**Try it**: Leave the pictures out while you restate every entry below word for word.
══ Extracted entries ══
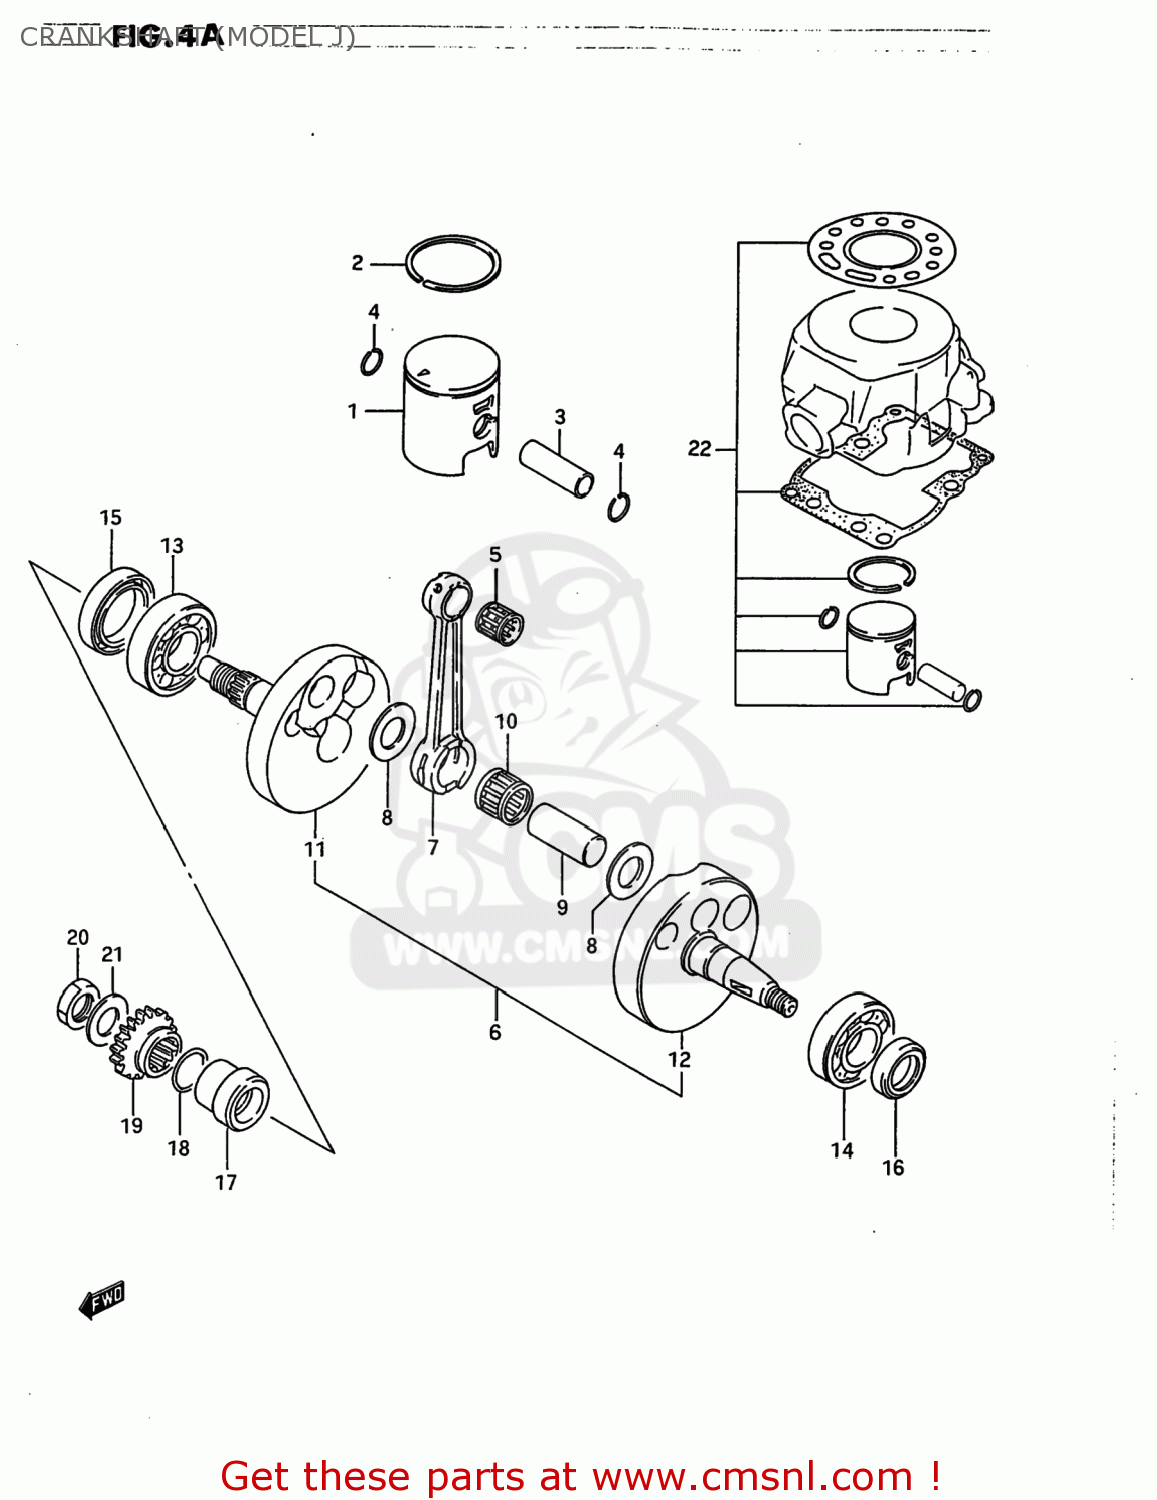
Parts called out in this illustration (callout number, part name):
1	PISTON
2	RING,PISTON
3	PIN,PISTON
4	RING,SNAP 14MM
5	BEARING(14X18X16)
6	CRANKSHAFT ASSY
7	ROD,CONNECTING
8	WASHER (18X23.5X1.5)
9	PIN,CRANK
10	BEARING
11	CRANKSHAFT,R
12	CRANKSHAFT,L
13	BEARING(20X52X15)
14	BEARING(20X47X14)
15	SEAL,OIL(32X44X8)
16	SEAL,OIL(18X30X8)
17	SPACER,PRIMARY DRIVE GEAR
18	O RING(D:2.4,ID:19.8)
19	GEAR,PRIMARY DRIVE
20	NUT
21	WASHER
22	PISTON SET (STD)
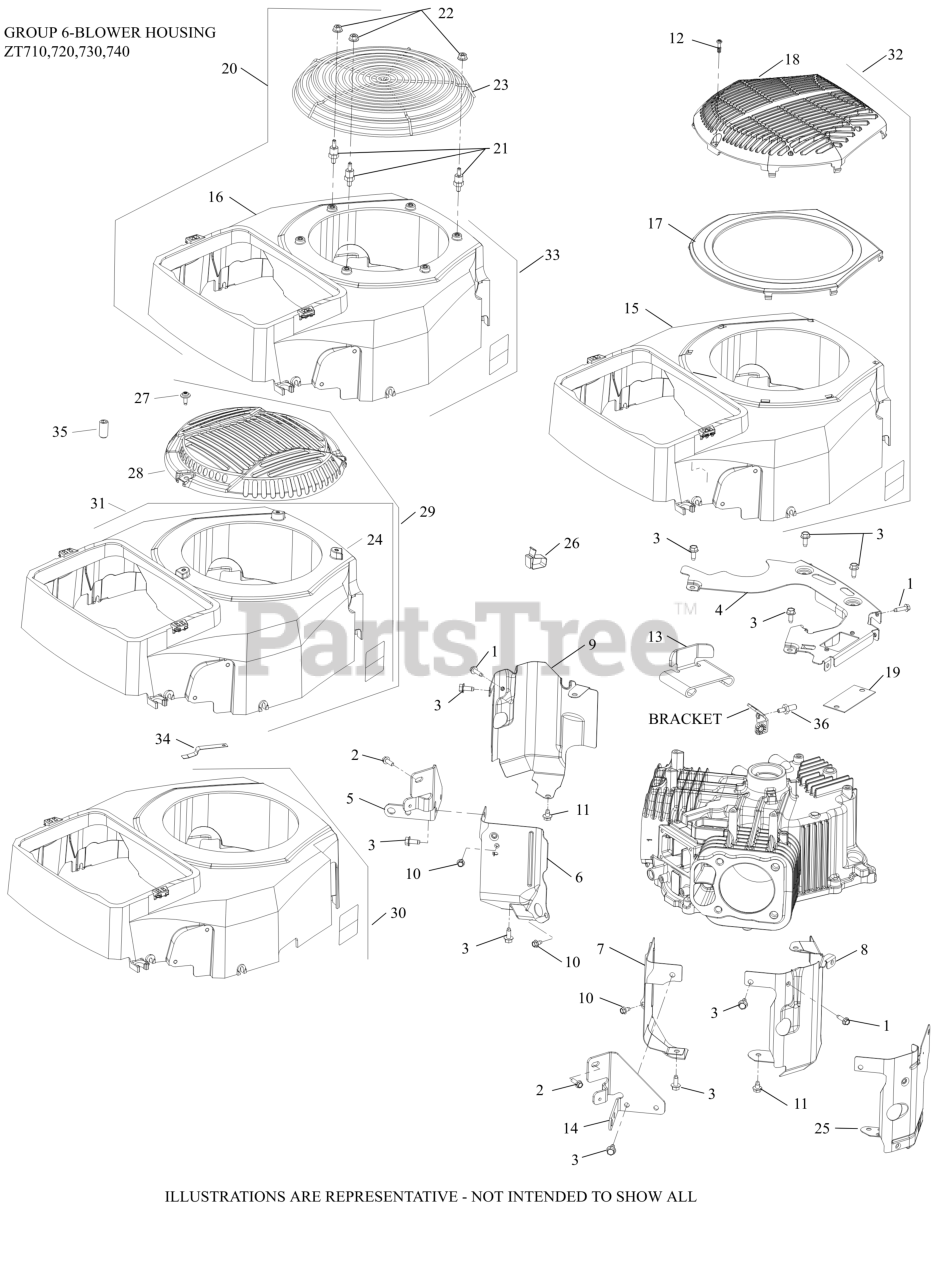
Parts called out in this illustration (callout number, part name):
1	SCREW, THD FRM-USE 25 086 473-S
2	SCREW, HI-LOW
3	SCREW, THREAD FORMING
4	PLATE, BACKING
5	BRACKET, AIR CLEANER BASE (#1 SIDE)
6	BAFFLE, VALLEY #1
7	BAFFLE, VALLEY #2
8	BAFFLE, LEFT BARREL
9	BAFFLE, RIGHT BARREL
10	SCREW, THREAD FORMING
14	BRACKET, AIR CLEANER BASE (#2 SIDE)
16	KIT, BLOWER HOUSING
24	KIT, BLOWER HOUSING
27	SCREW, SEMS
28	GUARD, GRASS SCREEN (METAL)
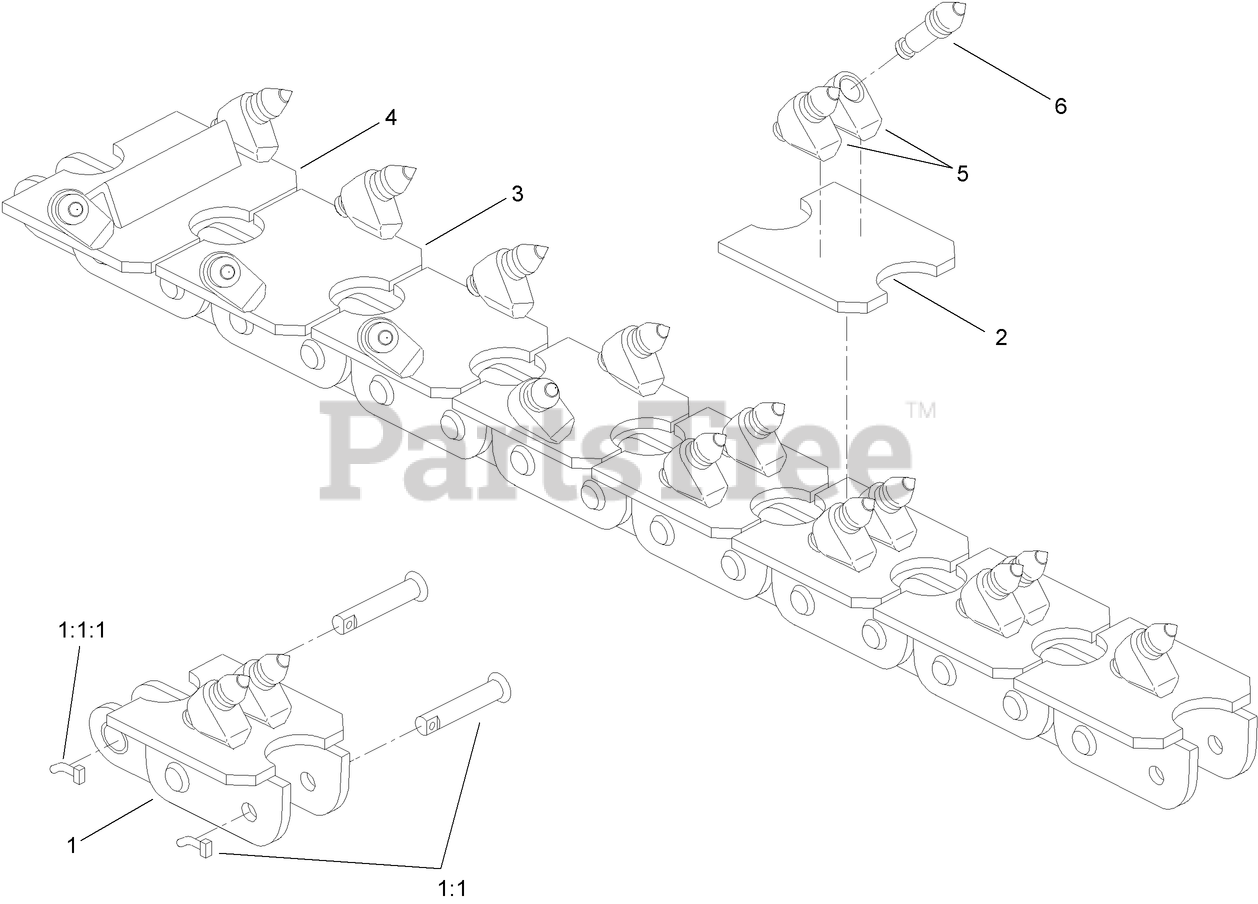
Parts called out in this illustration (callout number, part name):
1	CHAIN REPAIR LINK ASM
1:1	NOTCHED PIN AND KEEPER ASM
1:1:1	PIN-KEEPER
2	PLATE-H, WELD-ON (4 INCH)
3	PLATE-H, WELD-ON (5 INCH)
4	PLATE-H, WELD-ON (6 INCH)
5	HOLDER-BIT, WELD-ON
6	BIT-REAR RETAINER, CARBIDE INSERT
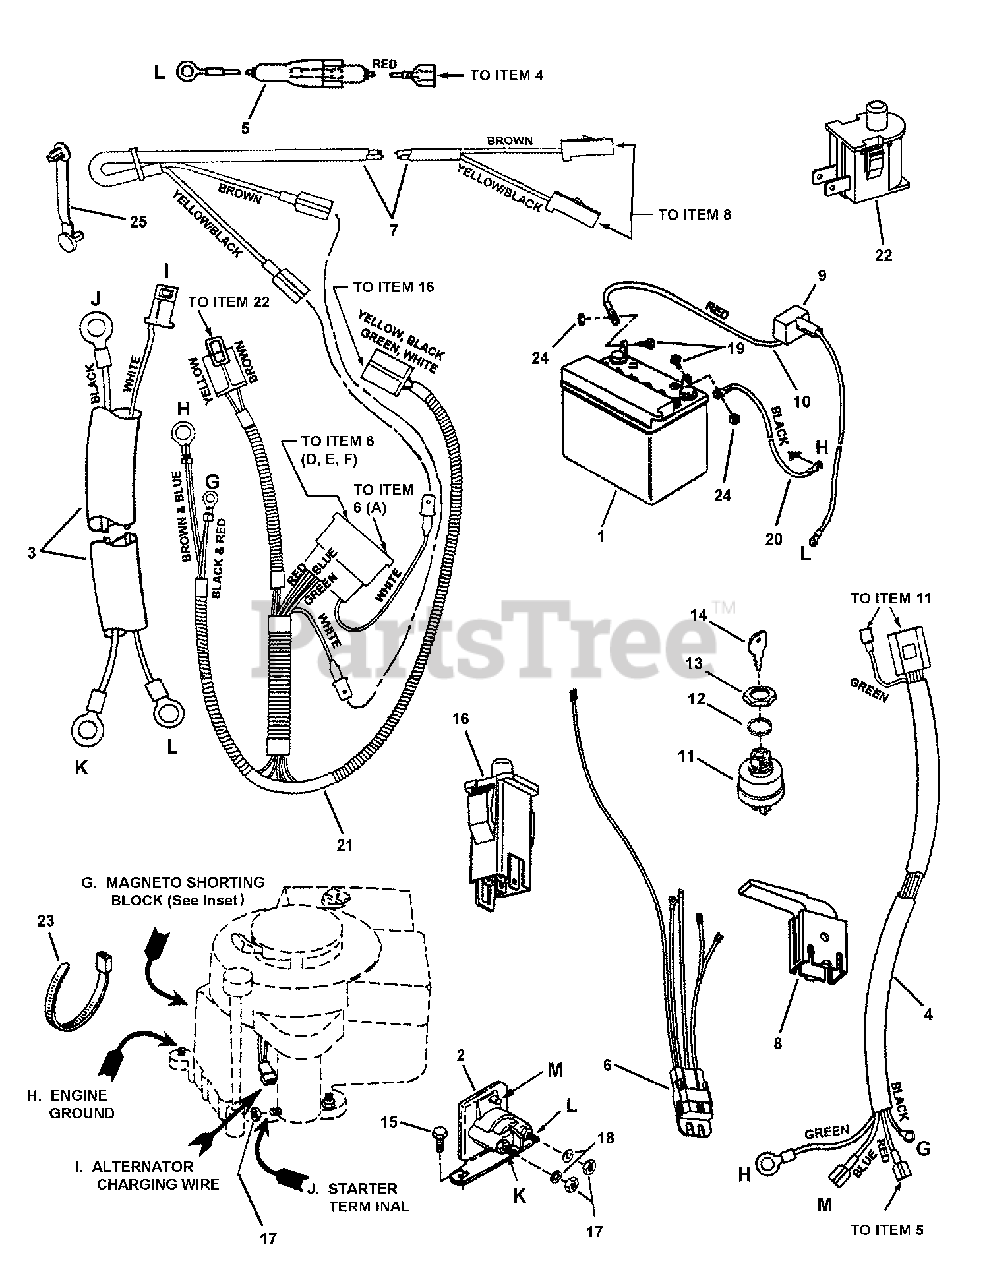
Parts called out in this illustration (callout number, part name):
1	KIT, Battery, 12V, U-1-7RS, 220CCA Dry Charge Snapper No Spill
2	SOLENOID, Super-Trombetta
3	HARNESS, Starter Wiring (Briggs Engines)
4	HARNESS, Ignition Wiring (Briggs Engines)
5	HOLDER, Fuse (Includes Fuse)
6	INTERLOCK MODULE, Briggs
7	HARNESS, (Deck Interlock Wiring)
8	SWITCH, Deck Interlock (NO)
9	COVER, Battery Cable
10	WIRE, Positive (Red, 17" long)
11	SWITCH, Ignition, 4 Terminal, Indak
12	WASHER, 5/8" Internal Tooth Lock
13	NUT, 5/8-32 Hex
14	KEYS, Blister Pk (KIDS+MWRS DON'T MIX) English/Spanish (set of two, one coated)
15	SCREW, 1/4-20 x 1/2" Hex Washer Self-Tap
16	SWITCH, Operator Presence Control (OPC) Traction (NC/NO)
17	NUT, 1/4-20 Hex, GR 5 or B
18	WASHER,1/4" Internal Tooth Lock
19	SCREW, 1/4-20 x 5/8" Hex Head Cap GR 5
20	WIRE, Negative, Black (15" long)
21	HARNESS, Operator Presence Control (OPC) Wire
22	SWITCH, Seat (NC)
23	CABLE TIE, 7"
24	NUT, 1/4-20 Hex Center Lock, GR 5 or B
25	CABLE TIE, 7"
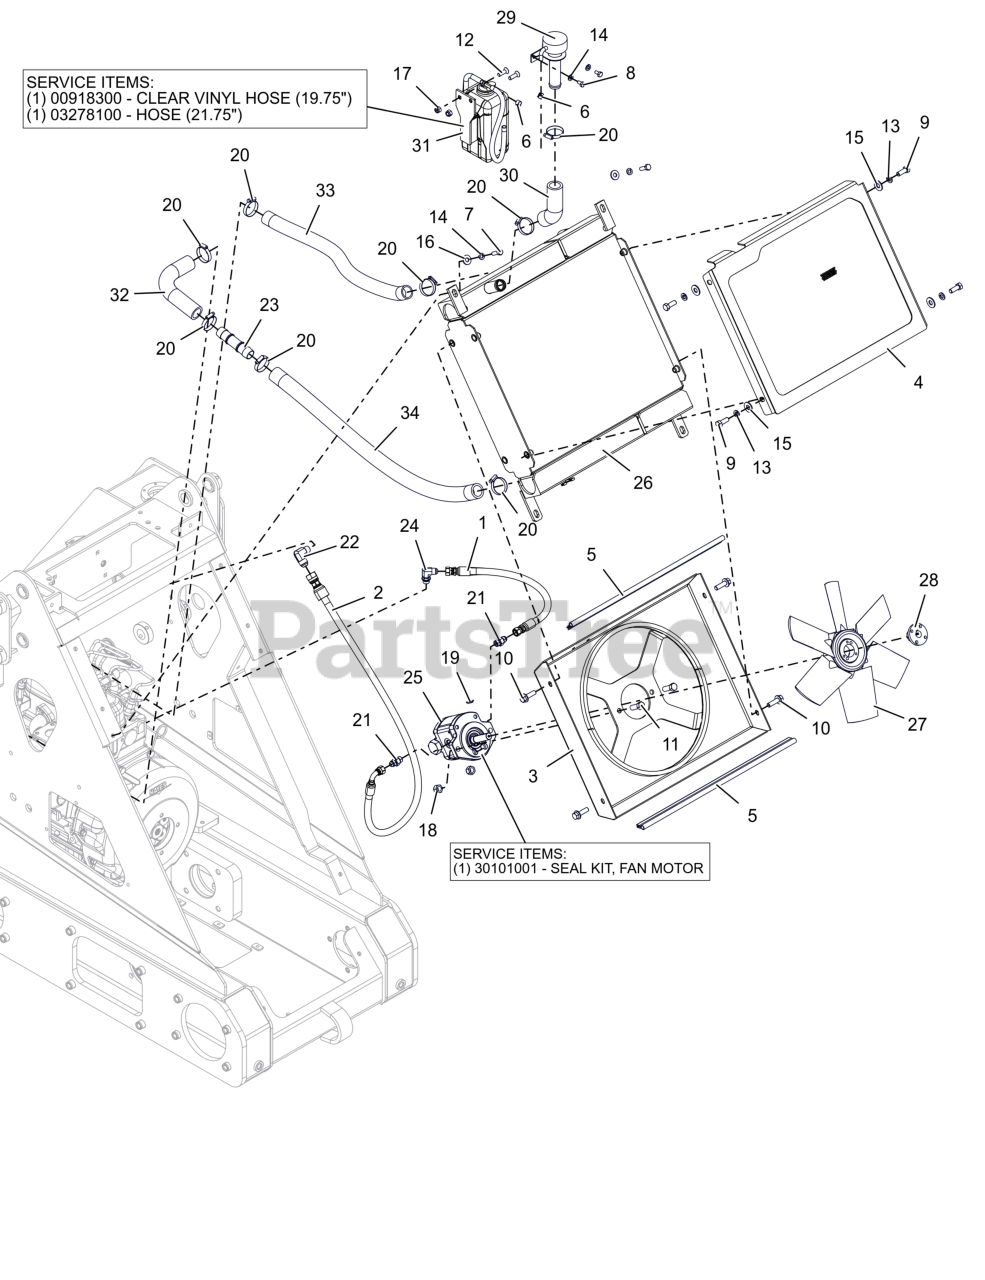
═══
**Solution to the exercise**:
Parts called out in this illustration (callout number, part name):
1	PISTON
2	RING,PISTON
3	PIN,PISTON
4	RING,SNAP 14MM
5	BEARING(14X18X16)
6	CRANKSHAFT ASSY
7	ROD,CONNECTING
8	WASHER (18X23.5X1.5)
9	PIN,CRANK
10	BEARING
11	CRANKSHAFT,R
12	CRANKSHAFT,L
13	BEARING(20X52X15)
14	BEARING(20X47X14)
15	SEAL,OIL(32X44X8)
16	SEAL,OIL(18X30X8)
17	SPACER,PRIMARY DRIVE GEAR
18	O RING(D:2.4,ID:19.8)
19	GEAR,PRIMARY DRIVE
20	NUT
21	WASHER
22	PISTON SET (STD)
Parts called out in this illustration (callout number, part name):
1	SCREW, THD FRM-USE 25 086 473-S
2	SCREW, HI-LOW
3	SCREW, THREAD FORMING
4	PLATE, BACKING
5	BRACKET, AIR CLEANER BASE (#1 SIDE)
6	BAFFLE, VALLEY #1
7	BAFFLE, VALLEY #2
8	BAFFLE, LEFT BARREL
9	BAFFLE, RIGHT BARREL
10	SCREW, THREAD FORMING
14	BRACKET, AIR CLEANER BASE (#2 SIDE)
16	KIT, BLOWER HOUSING
24	KIT, BLOWER HOUSING
27	SCREW, SEMS
28	GUARD, GRASS SCREEN (METAL)
Parts called out in this illustration (callout number, part name):
1	CHAIN REPAIR LINK ASM
1:1	NOTCHED PIN AND KEEPER ASM
1:1:1	PIN-KEEPER
2	PLATE-H, WELD-ON (4 INCH)
3	PLATE-H, WELD-ON (5 INCH)
4	PLATE-H, WELD-ON (6 INCH)
5	HOLDER-BIT, WELD-ON
6	BIT-REAR RETAINER, CARBIDE INSERT
Parts called out in this illustration (callout number, part name):
1	KIT, Battery, 12V, U-1-7RS, 220CCA Dry Charge Snapper No Spill
2	SOLENOID, Super-Trombetta
3	HARNESS, Starter Wiring (Briggs Engines)
4	HARNESS, Ignition Wiring (Briggs Engines)
5	HOLDER, Fuse (Includes Fuse)
6	INTERLOCK MODULE, Briggs
7	HARNESS, (Deck Interlock Wiring)
8	SWITCH, Deck Interlock (NO)
9	COVER, Battery Cable
10	WIRE, Positive (Red, 17" long)
11	SWITCH, Ignition, 4 Terminal, Indak
12	WASHER, 5/8" Internal Tooth Lock
13	NUT, 5/8-32 Hex
14	KEYS, Blister Pk (KIDS+MWRS DON'T MIX) English/Spanish (set of two, one coated)
15	SCREW, 1/4-20 x 1/2" Hex Washer Self-Tap
16	SWITCH, Operator Presence Control (OPC) Traction (NC/NO)
17	NUT, 1/4-20 Hex, GR 5 or B
18	WASHER,1/4" Internal Tooth Lock
19	SCREW, 1/4-20 x 5/8" Hex Head Cap GR 5
20	WIRE, Negative, Black (15" long)
21	HARNESS, Operator Presence Control (OPC) Wire
22	SWITCH, Seat (NC)
23	CABLE TIE, 7"
24	NUT, 1/4-20 Hex Center Lock, GR 5 or B
25	CABLE TIE, 7"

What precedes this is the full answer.